Industry quiet as public concern grows over China’s energy influence in Canada – by Jameson Berkow (National Post – May 10, 2012)

The National Post is Canada’s second largest national paper.

China’s growing influence in oil sands development might be the most important issue facing Canada’s energy sector that nobody is talking about.
Canadian companies have happily accepted billions of dollars in investments from Chinese state-owned enterprises in recent years on the basis that the energy-hungry emerging Asian superpower will soon be their best customer.
Meanwhile, as the public grows increasingly concerned about the potential importation into Canada of questionable Chinese corporate practices and opposition politicians raise questions of possible interference with Canada’s national interests, industry associations, environmental groups and the government of Canada itself have stayed mute.

“Any enterprise that is owned by another nation state raises sovereignty issues, but in the case of China the security advisors to the government of Canada for a long time have expressed particular concern about Chinese influence,” Elizabeth May, leader of the Green Party of Canada, said in an interview this week.

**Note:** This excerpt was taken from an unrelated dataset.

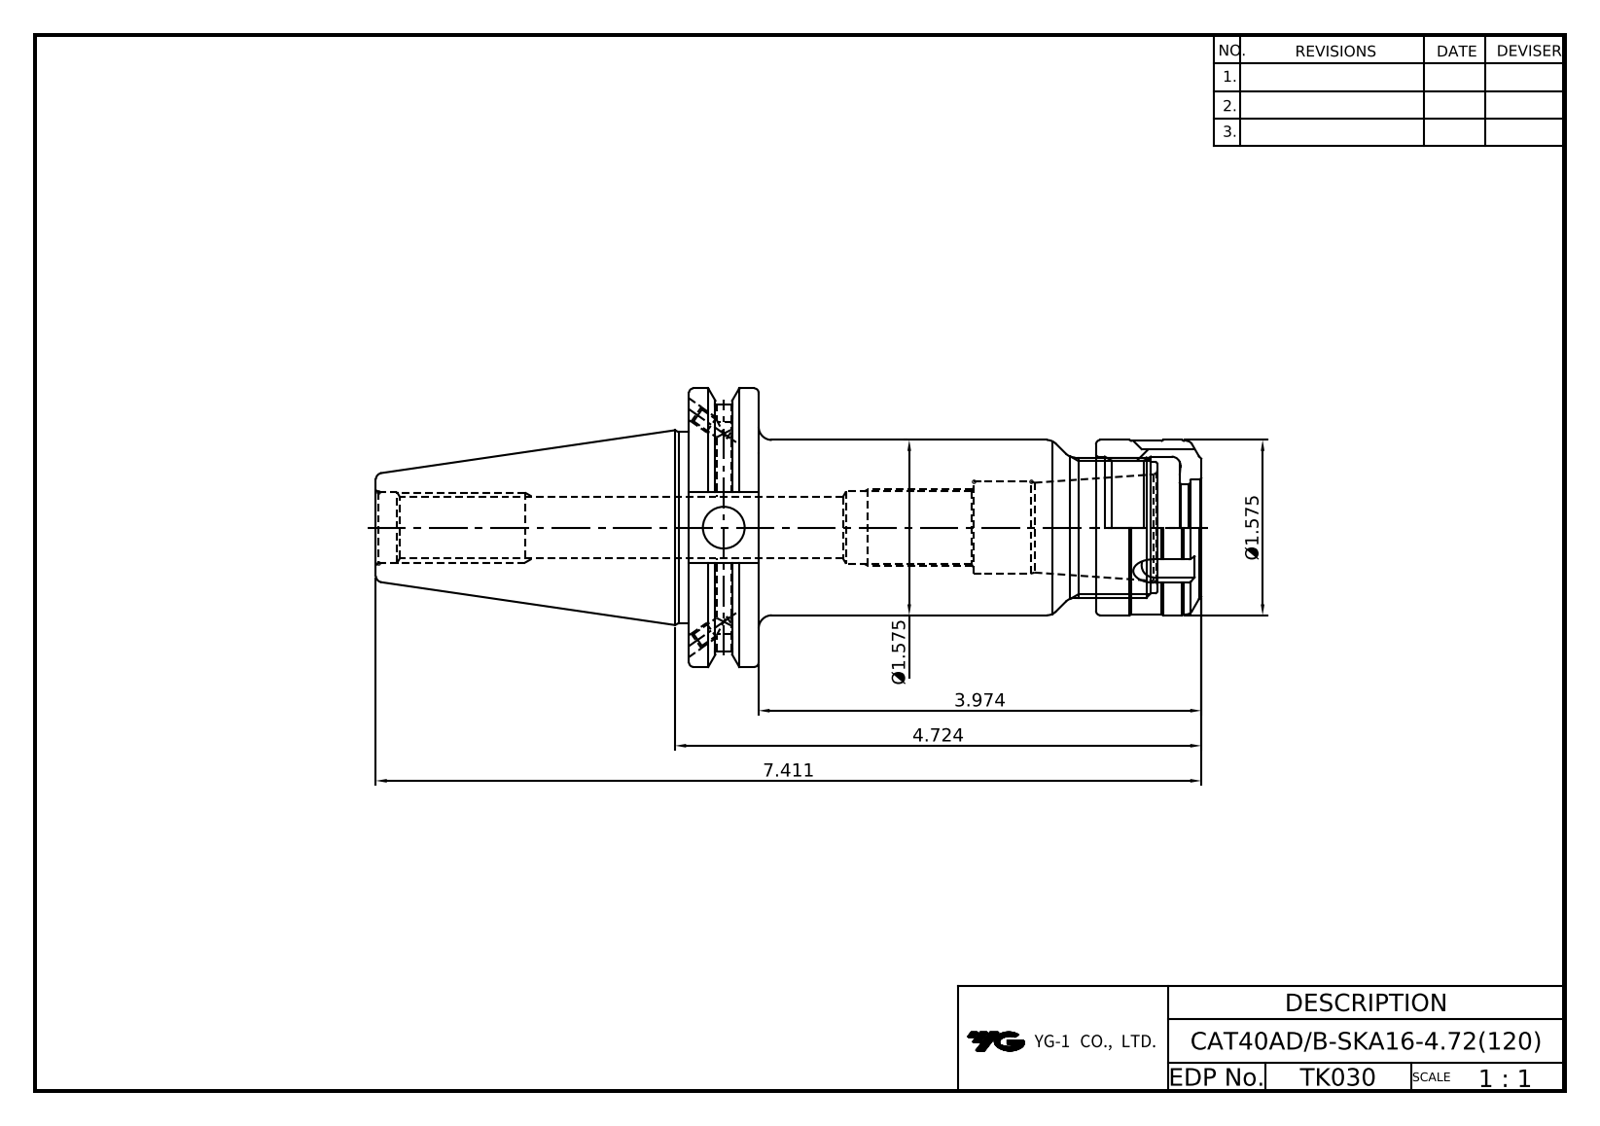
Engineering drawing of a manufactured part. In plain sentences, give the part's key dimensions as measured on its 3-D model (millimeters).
The part is named "LO-CAT40ADB-SKA16-120; SKN16-NUT". Its 3-D file was written by "Autodesk Inventor 2025 (AP242_MANAGED_MODEL_BASED_3D_ENGINEERING_MIM_LF)". It is 2 solids with 155 faces: 58 planar, 47 cylindrical and 50 other. Overall it measures 188.25 by 63.5 by 61.09 millimeters. Its volume is 191 888 cubic millimeters and its surface area 43 380 square millimeters. Round holes: 4 of diameter 3.24, 2 of diameter 4, 2 of diameter 4.2, 1 of diameter 9.53, 1 of diameter 13.39, 1 of diameter 15.75, 1 of diameter 16.3, 1 of diameter 19.8, 1 of diameter 21, 1 of diameter 22, 1 of diameter 32, 1 of diameter 32.4. Round bosses or shafts: 1 of diameter 63.5, 1 of diameter 43.6, 1 of diameter 40, 1 of diameter 39.6. Partial cylindrical surfaces (rounded edges, fillets, slot ends): 1 of radius 28.15. The main face-to-face distances are 15.88, 111.93, 96.05, 116.83, 100.95, 4.9, 106.83, 90.95, 5.1, 10.

During a visit to Beijing in February, Prime Minister Stephen Harper signed a declaration of intent to establish the Canada-China Foreign Investment Promotion and Protection Agreement, marking the end of nearly two decades of negotiations between the two countries. The agreement, which must still be ratified by both national governments before it can come into force, was heralded by Mr. Harper as Canada’s first “comprehensive economic agreement” with China.
While Ms. May said she has not yet seen the agreement, she added that other deals recently struck with countries in Latin and South America contain a similar provision to one found in Chapter 11 of the North American Free Trade Agreement (NAFTA), which allows a foreign corporation to sue the Canadian government for any decision that reduces that corporation’s expectation of profit.
Including such a provision in any agreement with China would be “so outrageous where we’d have a situation in which not only a foreign government but a foreign non-democratic government would be able to challenge the decisions reached by democratically empowered governments at the municipal, provincial and federal levels in Canada,” Ms. May said.
Companies in the United States have made liberal use of the provision in NAFTA over the years, occasionally resulting in dramatic changes to Canadian policies. In 1998, U.S.-based Ethyl Corp. sued Ottawa for US$251-million after the government imposed a ban on a fuel additive known as MMT, claiming the ban “expropriated” future profits. Canada not only lifted the ban on MMT but also agreed to pay Ethyl US$13-million for its trouble.
“If the same provision were extended to an investor provision with China, you would have the Chinese Communist Party able to say, ‘We insist you pay us X tens of millions of dollars because the effect of your improved environmental regulations has been to reduce our expectations for profit,’ ” Ms. May said.
Two years ago, Chinese state-owned refining giant Sinopec Corp. paid $4.7-billion for ConocoPhillips Co.’s 9% stake in Syncrude Canada Ltd., among Canada’s largest oil sands operators. Despite owning a small minority of shares, Ms. May contends it is enough for Sinopec to put Chinese national priorities over Canadian.
“What would happen if Syncrude were to decide they would do better putting in a refinery here and selling their crude abroad as a finished product? China [Sinopec] could say, ‘No, we veto that, we want it in China’, ” she said.
“The concern I have is that we are not asking these questions at all. I don’t know why I’m the only one asking questions about this but I do know that when I ask I’m not the only one who is concerned.”
In fact, the majority of Canadians appear to share her concern. Last spring, the Asia-Pacific Foundation of Canada released a poll finding 75% of Canadians were opposed to Chinese state-owned companies gaining controlling stakes in Canadian firms and 57% said they viewed the rise of Chinese economic power as a threat to Canada’s interests.
Around the same time, another poll conducted on behalf of various Canadian environmental groups found nearly three-quarters of British Columbians (72.8%) were worried about China’s increasing command of Canadian natural resources.
“I can see where Canadians might have the impression that foreign companies will be importing practices from their countries into Canada,” said Yuen Pau Woo, chief executive of the Asia-Pacific Foundation of Canada.